The newspaper reported that Caltrans failed to post the weight limit anywhere, so the truck drivers and permit people did not know about the limitations. The newspaper also reported that such a load could cross the bridge under certain conditions.
The conditions were similar to this: Bridge clear of other traffic. Drive down center of bridge at 5 MPH. I can’t remember if there were any other conditions.
I drove across the bridge the day before it went down and I could feel it shaking. It was a bad idea I guess. A Jersey Bridge has rickety structure above that looks like a tall “horse fence” with pickets and four boards widely spaced across it.
The new temporary bridge was three concrete culverts with gravel fill between them and asphalt road surface and it worked well. It would have failed during a wet Winter but we had a dry one that year.
That should help us draw a conclusion about going fast over shaky bridges. We all have to show some guts and avoid panic too.
I ask if you gave dear old Dad a chance to explain his criticisim directed towards you for forgetting his version of “physics”?. Many people make use of other peoples desire not to look dumb and shut them up with comments like “have you forgoten your physics” when they themselves have it all wrong, challenge him.
Sure it is better to go slow but not because of and incorrect application of the theory that mass increases as speed increases. There were so many better ways to explain to you why slow is better in this case than to simply shut you up with a “have you forgotten your physics” comment.
I have seen many discussions on this Forum rely on the “That violates the Third Law of Thermodynamics” type stuff (hoping a good dose of B/S. disorients their oposition). My logic Professor said it another way. He said just throw some Latin phrase in your argument and people will think you are some kind of master at the subject. Owsley may you rest in peace, now that is a man that opened up some minds.
This debate reminds me of something my father told me regarding bridges. While crossing Italy in WW II he said they were told to break out of step when crossing the old stone bridges. It seems that someone thought that marching in step weakened the structure. But they didn’t march very often, I’m sure.
Our favorite “tellers of all that is true” (better known as the Myth Busters) took up the Marching in Step" theory,result? myth busted.
I would have loved to have spent a semester listening to Owsely (with Hunter Thompson tending bar and Ken Keesy handling feeding us all), he died a few days ago at the age of 76, traffic accident in Austraila.
Your assessment would be true except for one thing. The bridge would have to be completely level. If it was not level (and I highly doubt it was considering it’s location in the world) then you are throwing the truck at the bridge. I like your thinking however.
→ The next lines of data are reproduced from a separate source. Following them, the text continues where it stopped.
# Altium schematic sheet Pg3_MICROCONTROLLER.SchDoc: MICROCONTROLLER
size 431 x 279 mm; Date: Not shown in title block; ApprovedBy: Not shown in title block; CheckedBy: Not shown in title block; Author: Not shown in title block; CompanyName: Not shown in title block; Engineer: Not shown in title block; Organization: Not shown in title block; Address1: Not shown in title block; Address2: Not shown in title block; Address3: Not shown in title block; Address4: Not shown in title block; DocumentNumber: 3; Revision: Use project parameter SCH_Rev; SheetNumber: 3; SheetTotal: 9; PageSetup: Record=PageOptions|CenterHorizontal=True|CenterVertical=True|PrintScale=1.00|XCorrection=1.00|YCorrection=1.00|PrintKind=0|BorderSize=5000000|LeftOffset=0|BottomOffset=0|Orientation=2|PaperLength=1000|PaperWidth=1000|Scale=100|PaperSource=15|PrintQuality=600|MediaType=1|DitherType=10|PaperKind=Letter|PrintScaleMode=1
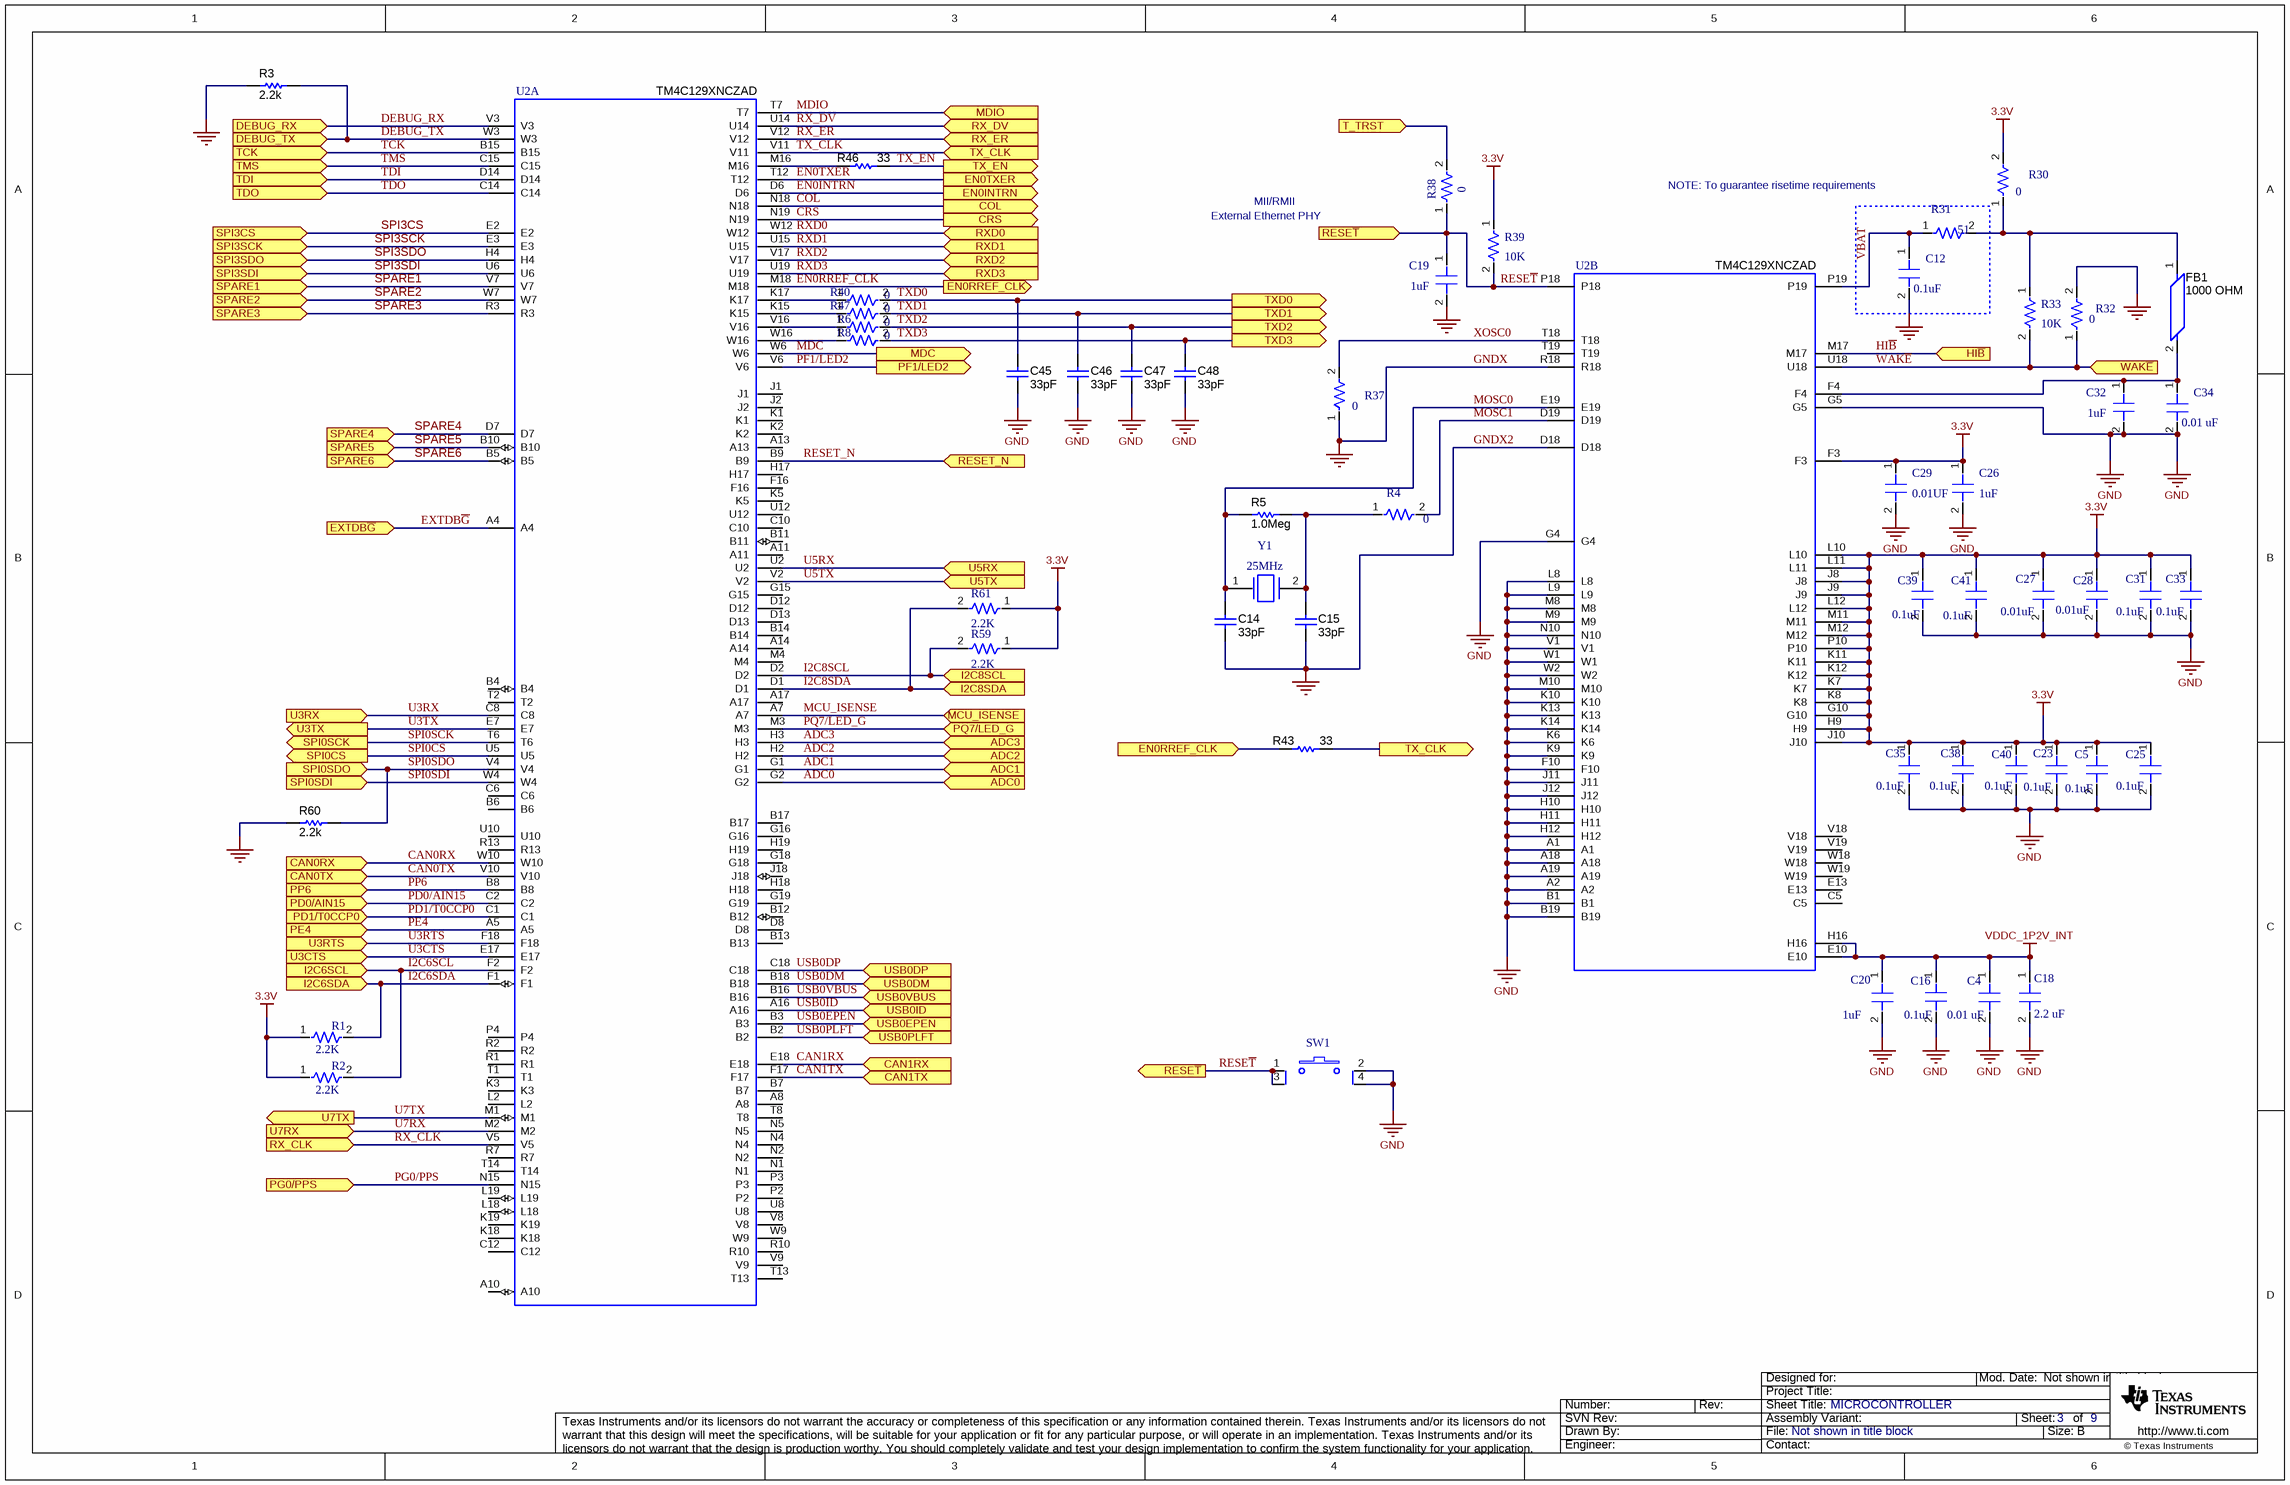
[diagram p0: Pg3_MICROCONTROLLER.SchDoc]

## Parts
C4  value 0.01 uF  [0402]  (hidden comment: CAPC0603)
C5  value 0.1uF  [0603]  (hidden comment: CAPC0603)
C12  value 0.1uF  [0603]  (hidden comment: CAPC0603)
C14  ValueDisplayed: 33pF  [0402]  (hidden comment: GRM1555C1H330JA01D)
C15  ValueDisplayed: 33pF  [0402]  (hidden comment: GRM1555C1H330JA01D)
C16  value 0.1uF  [0603]  (hidden comment: CAPC0603)
C18  value 2.2 uF  [0603]  (hidden comment: CAPC0603)
C19  value 1uF  [0402]  (hidden comment: CAPC0402)
C20  value 1uF  [0402]  (hidden comment: CAPC0402)
C23  value 0.1uF  [0603]  (hidden comment: CAPC0603)
C25  value 0.1uF  [0603]  (hidden comment: CAPC0603)
C26  value 1uF  [0402]  (hidden comment: CAPC0402)
C27  value 0.01uF  [0402]  (hidden comment: CAPC0603)
C28  value 0.01uF  [0402]  (hidden comment: CAPC0603)
C29  value 0.01UF  [0402]  (hidden comment: CAPC0402)
C31  value 0.1uF  [0402]  (hidden comment: CAPC0402)
C32  value 1uF  [0402]  (hidden comment: CAPC0402)
C33  value 0.1uF  [0402]  (hidden comment: CAPC0402)
C34  value 0.01 uF  [0402]  (hidden comment: CAPC0402)
C35  value 0.1uF  [0603]  (hidden comment: CAPC0603)
C38  value 0.1uF  [0603]  (hidden comment: CAPC0603)
C39  value 0.1uF  [0603]  (hidden comment: CAPC0603)
C40  value 0.1uF  [0603]  (hidden comment: CAPC0603)
C41  value 0.1uF  [0603]  (hidden comment: CAPC0603)
C45  ValueDisplayed: 33pF  [0402]  (hidden comment: GRM1555C1H330JA01D)
C46  ValueDisplayed: 33pF  [0402]  (hidden comment: GRM1555C1H330JA01D)
C47  ValueDisplayed: 33pF  [0402]  (hidden comment: GRM1555C1H330JA01D)
C48  ValueDisplayed: 33pF  [0402]  (hidden comment: GRM1555C1H330JA01D)
FB1  1000 OHM  [0603L]
R1  value 2.2K  [0603]  (hidden comment: RESC0603)
R2  value 2.2K  [0603]  (hidden comment: RESC0603)
R3  value 2.2k  [0402]  (hidden comment: CRCW04022K20JNED)
R4  value 0  [0402]  (hidden comment: RESC0402)
R5  value 1.0Meg  [0402]  (hidden comment: CRCW04021M00JNED)
R6  value 0  [0402]  (hidden comment: RESC0402)
R8  value 0  [0402]  (hidden comment: RESC0402)
R30  value 0  [0402]  (hidden comment: RESC0402)
R31  value 51  [0402]  (hidden comment: RESC0402)
R32  value 0  [0402]  (hidden comment: RESC0402)
R33  value 10K  [0402]  (hidden comment: RESC0402)
R37  value 0  [0402]  (hidden comment: RESC0402)
R38  value 0  [0402]  (hidden comment: RESC0402)
R39  value 10K  [0402]  (hidden comment: RESC0402)
R40  value 0  [0402]  (hidden comment: RESC0402)
R43  value 33  [0402]  (hidden comment: CRCW040233R0JNED)
R46  value 33  [0402]  (hidden comment: CRCW040233R0JNED)
R47  value 0  [0402]  (hidden comment: RESC0402)
R59  value 2.2K  [0603]  (hidden comment: RESC0603)
R60  value 2.2k  [0402]  (hidden comment: CRCW04022K20JNED)
R61  value 2.2K  [0603]  (hidden comment: RESC0603)
SW1  SW-EVQQ2  [SW-EVQQ2]  (value not drawn)
U2  Part Number: TM4C129XNCZAD  [BGA212C50P19X19_1000X1000X100]  (hidden comment: TM4C129X)  (parts A,B of 3)
Y1  value 25MHz  [XTAL-NX5032GA]  (hidden comment: XTAL-NX5032GA)

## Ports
ADC0, ADC1, ADC2, ADC3, CAN0RX, CAN0TX, CAN1RX, CAN1TX, COL, CRS, DEBUG_RX, DEBUG_TX, EN0INTRN, EN0RREF_CLK, EN0TXER, EXTDB~{G}, HI~{B}, I2C6SCL, I2C6SDA, I2C8SCL, I2C8SDA, MCU_ISENSE, MDC, MDIO, PD0/AIN15, PD1/T0CCP0, PE4, PF1/LED2, PG0/PPS, PP6, PQ7/LED_G, RESET_N, RESE~{T}, RX_CLK, RX_DV, RX_ER, RXD0, RXD1, RXD2, RXD3, SPARE1, SPARE2, SPARE3, SPARE4, SPARE5, SPARE6 (in), SPI0CS, SPI0SCK (out), SPI0SDI, SPI0SDO, SPI3CS, SPI3SCK, SPI3SDI, SPI3SDO, T_TRST, TCK, TDI, TDO, TMS, TX_CLK, TX_EN, TXD0, TXD1, TXD2, TXD3, U3CTS, U3RTS, U3RX, U3TX (out), U5RX, U5TX, U7RX, U7TX, USB0DM, USB0DP, USB0EPEN, USB0ID, USB0PLFT, USB0VBUS, WAK~{E}

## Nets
3.3V: C5.1 C23.1 C25.1 C26.1 C27.1 C28.1 C29.1 C31.1 C33.1 C35.1 C38.1 C39.1 C40.1 C41.1 R1.1 R2.1 R30.2 R39.1 R59.1 R61.1 U2.F3 U2.G10 U2.H9 U2.J8 U2.J9 U2.J10 U2.K7 U2.K8 U2.K11 U2.K12 U2.L10 U2.L11 U2.L12 U2.M11 U2.M12 U2.P10
GNDX: C4.2 C5.2 C12.2 C14.1 C15.2 C16.2 C18.2 C19.2 C20.2 C23.2 C25.2 C26.2 C27.2 C28.2 C29.2 C31.2 C32.2 C33.2 C34.2 C35.2 C38.2 C39.2 C40.2 C41.2 C45.1 C46.1 C47.1 C48.1 R3.1 R32.2 R37.1 R60.1 SW1.2 SW1.4 U2.A1 U2.A2 U2.A18 U2.A19 U2.B1 U2.B19 U2.D18 U2.F10 U2.G4 U2.G5 U2.H10 U2.H11 U2.H12 U2.J11 U2.J12 U2.K6 U2.K9 U2.K10 U2.K13 U2.K14 U2.L8 U2.L9 U2.M8 U2.M9 U2.M10 U2.N10 U2.R18 U2.V1 U2.W1 U2.W2  [also labelled GND, GNDX2]
VDDC_1P2V_INT: C4.1 C16.1 C18.1 C20.1 U2.E10 U2.H16
EXTDB~{G}: U2.A4 ; port EXTDB~{G}
HI~{B}: U2.M17 ; port HI~{B}
RESE~{T}: C19.1 R38.1 R39.2 SW1.1 SW1.3 U2.P18 ; port RESE~{T}
WAK~{E}: R32.1 R33.2 U2.U18 ; port WAK~{E}
ADC0: U2.G2 ; port ADC0
ADC1: U2.G1 ; port ADC1
ADC2: U2.H2 ; port ADC2
ADC3: U2.H3 ; port ADC3
CAN0RX: U2.W10 ; port CAN0RX
CAN0TX: U2.V10 ; port CAN0TX
CAN1RX: U2.E18 ; port CAN1RX
CAN1TX: U2.F17 ; port CAN1TX
COL: U2.N18 ; port COL
CRS: U2.N19 ; port CRS
DEBUG_RX: U2.V3 ; port DEBUG_RX
DEBUG_TX: R3.2 U2.W3 ; port DEBUG_TX
EN0INTRN: U2.D6 ; port EN0INTRN
EN0RREF_CLK: R43.1 U2.M18 ; port EN0RREF_CLK
EN0TXER: U2.T12 ; port EN0TXER
I2C6SCL: R2.2 U2.F2 ; port I2C6SCL
I2C6SDA: R1.2 U2.F1 ; port I2C6SDA
I2C8SCL: R59.2 U2.D2 ; port I2C8SCL
I2C8SDA: R61.2 U2.D1 ; port I2C8SDA
MCU_ISENSE: U2.A7 ; port MCU_ISENSE
MDC: U2.W6 ; port MDC
MDIO: U2.T7 ; port MDIO
MOSC0: C14.2 R5.1 U2.E19 Y1.1
MOSC1: R4.2 U2.D19
PD0/AIN15: U2.C2 ; port PD0/AIN15
PD1/T0CCP0: U2.C1 ; port PD1/T0CCP0
PE4: U2.A5 ; port PE4
PF1/LED2: U2.V6 ; port PF1/LED2
PG0/PPS: U2.N15 ; port PG0/PPS
PP6: U2.B8 ; port PP6
PQ7/LED_G: U2.M3 ; port PQ7/LED_G
RESET_N: U2.B9 ; port RESET_N
RX_CLK: U2.V5 ; port RX_CLK
RX_DV: U2.U14 ; port RX_DV
RX_ER: U2.V12 ; port RX_ER
RXD0: U2.W12 ; port RXD0
RXD1: U2.U15 ; port RXD1
RXD2: U2.V17 ; port RXD2
RXD3: U2.U19 ; port RXD3
SPARE1: U2.V7 ; port SPARE1
SPARE2: U2.W7 ; port SPARE2
SPARE3: U2.R3 ; port SPARE3
SPARE4: U2.D7 ; port SPARE4
SPARE5: U2.B10 ; port SPARE5
SPARE6: U2.B5 ; port SPARE6
SPI0CS: U2.U5 ; port SPI0CS
SPI0SCK: U2.T6 ; port SPI0SCK
SPI0SDI: U2.W4 ; port SPI0SDI
SPI0SDO: R60.2 U2.V4 ; port SPI0SDO
SPI3CS: U2.E2 ; port SPI3CS
SPI3SCK: U2.E3 ; port SPI3SCK
SPI3SDI: U2.U6 ; port SPI3SDI
SPI3SDO: U2.H4 ; port SPI3SDO
T_TRST: R38.2 ; port T_TRST
TCK: U2.B15 ; port TCK
TDI: U2.D14 ; port TDI
TDO: U2.C14 ; port TDO
TMS: U2.C15 ; port TMS
TX_CLK: R43.2 U2.V11 ; port TX_CLK
TX_EN: R46.2 ; port TX_EN
TXD0: C45.2 R40.2 ; port TXD0
TXD1: C46.2 R47.2 ; port TXD1
TXD2: C47.2 R6.2 ; port TXD2
TXD3: C48.2 R8.2 ; port TXD3
U3CTS: U2.E17 ; port U3CTS
U3RTS: U2.F18 ; port U3RTS
U3RX: U2.C8 ; port U3RX
U3TX: U2.E7 ; port U3TX
U5RX: U2.U2 ; port U5RX
U5TX: U2.V2 ; port U5TX
U7RX: U2.M2 ; port U7RX
U7TX: U2.M1 ; port U7TX
USB0DM: U2.B18 ; port USB0DM
USB0DP: U2.C18 ; port USB0DP
USB0EPEN: U2.B3 ; port USB0EPEN
USB0ID: U2.A16 ; port USB0ID
USB0PLFT: U2.B2 ; port USB0PLFT
USB0VBUS: U2.B16 ; port USB0VBUS
VBAT: C12.1 R31.1 U2.P19
XOSC0: R37.2 U2.T18
NetC15_1: C15.1 R4.1 R5.2 Y1.2
NetC32_1: C32.1 C34.1 FB1.2 U2.F4
NetFB1_1: FB1.1 R30.1 R31.2 R33.1
NetR6_1: R6.1 U2.V16
NetR8_1: R8.1 U2.W16
NetR40_1: R40.1 U2.K17
NetR46_1: R46.1 U2.M16
NetR47_1: R47.1 U2.K15

Not connected (* = marked no-connect by the designer): U2 A8 A10 A11 A13 A14 A17 B4 B6 B7 B11 B12 B13 B14 B17 C5 C6 C10 C12 D8 D12 D13 E13 F16 G15 G16 G18 G19 H17 H18 H19 J1 J2 J18 K1 K2 K3 K5 K18 K19 L2 L18 L19 M4 N1 N2 N4 N5 P2 P3 P4 R1 R2 R7 R10 R13 T1 T2 T8 T13 T14 T19 U8 U10 U12 V8 V9 V18 V19 W9 W18 W19

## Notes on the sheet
- External Ethernet PHY
- MII/RMII
- NOTE: To guarantee risetime requirements

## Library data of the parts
C4 = CAPC0603: Capacitor, 0.01uF 25V, 10% 0402 X7R; Part Number: TMK105B7103KV-F; PCB DECAL: CAPC0402N; GNUM: G10-C0402-C103-BBA
C5 C12 C23 C25 C35 C38-C41 = CAPC0603: Capacitor, 0.1uF 50V, 20% 0603 X7R; Part Number: C1608X7R1H104M; GNUM: G10-C0603-C104-ACA; PCB DECAL: CAPC0603L
C14 C15 C45-C48 = GRM1555C1H330JA01D: CAP, CERM, 33pF, 50V, +/-5%, C0G/NP0, 0402; Manufacturer: MuRata; Polarized: N; CompType: Capacitor; U/M: EA; Cap_F: 0.000000000033; Tolerance_%: 5; Value1: Unknown; VDC_V: 50; TaMin_C: -55; TaMax_C: 125
C16 = CAPC0603: Capacitor, 0.1uF 50V, 20% 0603 X7R; Part Number: C1608X7R1H104M; PCB DECAL: CAPC0603L; GNUM: G10-C0603-C104-ACA
C18 = CAPC0603: Capacitor, 2.2uF, 16V, 10%, 0603, X5R; Part Number: GRM188R61C225KE15D; PCB DECAL: CAPC0603L; GNUM: G10-C0603-C225-HBB
C19 C20 C26 C32 = CAPC0402: Capacitor, 1uF , X5R, 10V, 0402; Part Number: C1005X5R1A105M050BB; PCB DECAL: CAPC0402N; GNUM: G10-C0402-C105-GCB
C27 C28 = CAPC0603: Capacitor, 0.01uF 25V, 10% 0402 X7R; Part Number: TMK105B7103KV-F; PCB DECAL: CAPC0402L; GNUM: G10-C0402-C103-BBA
C29 C31 C33 = CAPC0402: Capacitor, 0.1uF 16V, 10% 0402 X7R; Part Number: EMK105B7104KV-F; PCB DECAL: CAPC0402N; GNUM: G10-C0402-C104-HBA
C34 = CAPC0402: Capacitor, 0.01uF 25V, 10% 0402 X7R; Part Number: TMK105B7103KV-F; PCB DECAL: CAPC0402N; GNUM: G10-C0402-C103-BBA
FB1 = MMZ1608B102C: FERRITE CHIP 1000 OHM 300MA 0603; Manufacturer: TDK Corporation; CompType: Ferrite Bead
R1 R2 R59 R61 = RESC0603: Resistor, 2.2K OHM 1/10W 5% 0603 SMD; Manufacturer #1: Generic; Part Number: CRCW06032K20JNEA; PCB DECAL: RESC0603N; GNUM: G11-R0603-R222-AAA; Description: Resistor,Chip;1.60mm L X 0.83mm W X 0.60mm H; Geometry.Height: 0.6mm; PCBL.Component: CHP;RESC;1500;1700;150;400;700;950;600; PCBL.Process: F;N;50;50;200;100;200;250;350;-50;0
R3 R60 = CRCW04022K20JNED: RES, 2.2k ohm, 5%, 0.063W, 0402; Manufacturer: Vishay-Dale; CompType: Resistor; Res_ohm: 2200; Value_Code: 2k20; Tolerance_%: 5; Power_W: 0.063; VDC_V: 50; TempCo: 200 ppm/C; EIA_Code: E24; U/M: EA
R4 R6 R8 R30 R32 R37 R38 R40 R47 = RESC0402: Resistor, 0 ohm, 1/10W, 5%, 0402; Manufacturer #1: Generic; Part Number: ERJ-2GE0R00X; Description: Resistor,Chip;1.00mm L X 0.5mm W X 0.35mm H; Geometry.Height: 0.35mm; PCBL.Component: CHP;RESC;1500;1700;150;400;700;950;600; PCBL.Process: F;N;50;50;200;100;200;250;350;-50;0; PCB DECAL: RESC0402N; GNUM: G11-R0402-0000-AAA
R5 = CRCW04021M00JNED: RES, 1.0Meg ohm, 5%, 0.063W, 0402; Manufacturer: Vishay-Dale; CompType: Resistor; Res_ohm: 1000000; Value_Code: 1M00; Tolerance_%: 5; Power_W: 0.063; VDC_V: 50; TempCo: 200 ppm/C; EIA_Code: E24; U/M: EA
R31 = RESC0402: Resistor, 51 ohm, 1/10W, 5%, 0402; Manufacturer #1: Generic; Part Number: ERJ-2GEJ510X; Description: Resistor,Chip;1.00mm L X 0.5mm W X 0.35mm H; Geometry.Height: 0.35mm; PCBL.Component: CHP;RESC;1500;1700;150;400;700;950;600; PCBL.Process: F;N;50;50;200;100;200;250;350;-50;0; PCB DECAL: RESC0402N; GNUM: G11-R0402-51R0-AAA
R33 R39 = RESC0402: Resistor, 10k ohm, 1/10W, 5%, 0402 Thick Film; Manufacturer #1: Generic; Part Number: RC0402FR-0710KL; Description: Resistor,Chip;1.00mm L X 0.5mm W X 0.35mm H; Geometry.Height: 0.35mm; PCBL.Component: CHP;RESC;1500;1700;150;400;700;950;600; PCBL.Process: F;N;50;50;200;100;200;250;350;-50;0; PCB DECAL: RESC0402N; GNUM: G11-R0402-1002-AAA
R43 R46 = CRCW040233R0JNED: RES, 33 ohm, 5%, 0.063W, 0402; Manufacturer: Vishay-Dale; CompType: Resistor; Value_Code: 33R0; Tolerance_%: 5; Power_W: 0.063; VDC_V: 50; TempCo: 200 ppm/C; EIA_Code: E24; U/M: EA
SW1 = SW-EVQQ2: Switch, Tact 6mm SMT, 160gf; Manufacturer #1: Panasonic; Part Number: B3S-1000; Description: Switch, Tact 6mm SMT, 50gf; GNUM: G21-4P6MM-B3S1-AAA
U2 = TM4C129X: Stellaris MCU TM4C129XNCZAD 212 BGA, super; GNUM: G50-BG212-C129-ALI; PCB DECAL: BGA19X19-05MM-T1; Geometry.Height: 50.00mil
Y1 = XTAL-NX5032GA: Crystal, 25.00MHz 5.0x3.2mm SMT; Part Number: 445I23D25M00000; Description: Crystal, 16.00MHz 5.0x3.2mm SMT; GNUM: G15-5X3P2-2506-AAA

The show was called IRT: Worlds Deadliest Roads. It ran 10 awful episodes and should have been titled India Whine Trail, North American truckers get their butts whupped in India. As luck would have it I traveled many of the same roads on a Royal Enfield Bullet just a few weeks after the show finished taping. The bridge in the show was a Bailey Bridge and are common in India.
The OP is considering the difference between a static failure and a dynamic failure. Load a structure beyond its design limit and in time it will fail due to fatigue. Reducing the time reduces the exposure to failure. Faster is better? Not necessarily. The load applied by the truck to the bridge is dynamic. It isn?t the forward speed of the truck that stresses the bridge but how fast the mass of the truck is applied to the bridge. As the truck rolls onto the bridge the bridge will deflect downward and the mass of the truck will follow. When the force of the bridge applied to the truck balances the mass of the truck the deflection will stop. It is the kinetic energy of both the truck and bridge that determines the load on the bridge. Kinetic energy is determined by the formula E=1/2mv^2. Doubling the velocity quadruples the kinetic energy. The faster the truck rolls onto the bridge the faster the bridge and truck will accelerate downward. The bridge structure will have to resist the acceleration of its own mass plus the mass of the truck. Imagine the bridge as a trampoline. Load it to the point where the springs almost fail. Now walk across. The more you bounce the more likely it will fail.
BTW Myth Busters is a great show, but I wouldn?t bet my life on their engineering. Imagine 20 people on the trampoline. If they are all walking around it?s one thing if they all start bouncing together it?s another.
Mass never ever changes due to speed. EVER! Mass is constant, whether you’re traveling at the speed of light or as slow as a slug. Mass is the same in space and on Jupiter and on Earth. What does change is the weight. Weight will vary depending on different places.
For example: a 10g block of steel will have a different weight on Earth, Jupiter, in space etc. However, its mass remains the same, no matter how fast or slow the block of steel is traveling or were its located.
The answer to this question lies within the inertia something has. The faster something is moving, the more inertia it has. If you push your car along at 5 mph, its a lot harder to stop than if it were only going at 1 mph. This principal also applies to downward force (on the bridge). If the truck were to zoom by on that bridge at 30 mph and hits a bump (which I’m sure there are plenty) the inertia of the downward force on the bridge will be greater than if the truck were only crawling along. Too much force pushing down on the bridge means a not-so-happy trucker and a not so happy (or possibly not so happy bridge as it could collapse).